DATA FOR THIS TASK START
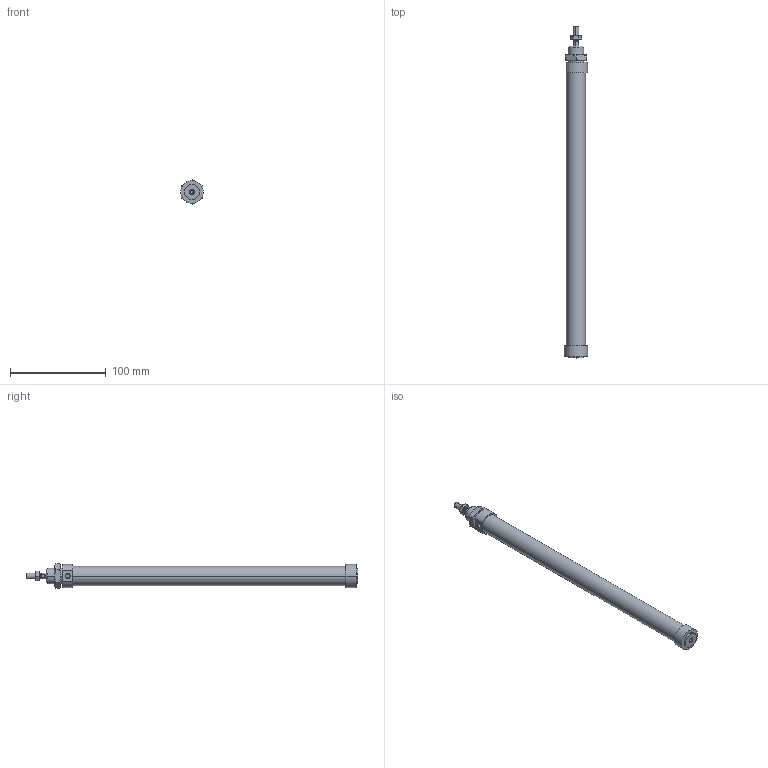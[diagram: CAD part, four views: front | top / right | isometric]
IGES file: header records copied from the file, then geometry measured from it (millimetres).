
Global section: file name: No Iges File Name specified; native system: AutoDesk Inventor R6.0; preprocessor: AutoDesk Inventor Iges Exporter R6.0; author: No Author specified; organization: No Organization specified; date: 20030402.184231; units: millimetre
Bounding box: 24 x 346 x 25.4 mm (x, y, z)
Volume: 104835 mm3; surface area: 34094.5 mm2
Topology: 4 solids, 4 shells, 108 faces, 229 edges, 135 vertices
Faces by surface type: cone 34, plane 33, bspline 21, cylinder 16, revolution 4
DATA FOR THIS TASK END
PROBLEM REQUIREMENTS:
An exact copy of the listing above, minus its pictures, is what is needed here.

WRITTEN ANSWER:
[diagram: CAD part, four views: front | top / right | isometric]
IGES file: header records copied from the file, then geometry measured from it (millimetres).
Global section: file name: No Iges File Name specified; native system: AutoDesk Inventor R6.0; preprocessor: AutoDesk Inventor Iges Exporter R6.0; author: No Author specified; organization: No Organization specified; date: 20030402.184231; units: millimetre
Bounding box: 24 x 346 x 25.4 mm (x, y, z)
Volume: 104835 mm3; surface area: 34094.5 mm2
Topology: 4 solids, 4 shells, 108 faces, 229 edges, 135 vertices
Faces by surface type: cone 34, plane 33, bspline 21, cylinder 16, revolution 4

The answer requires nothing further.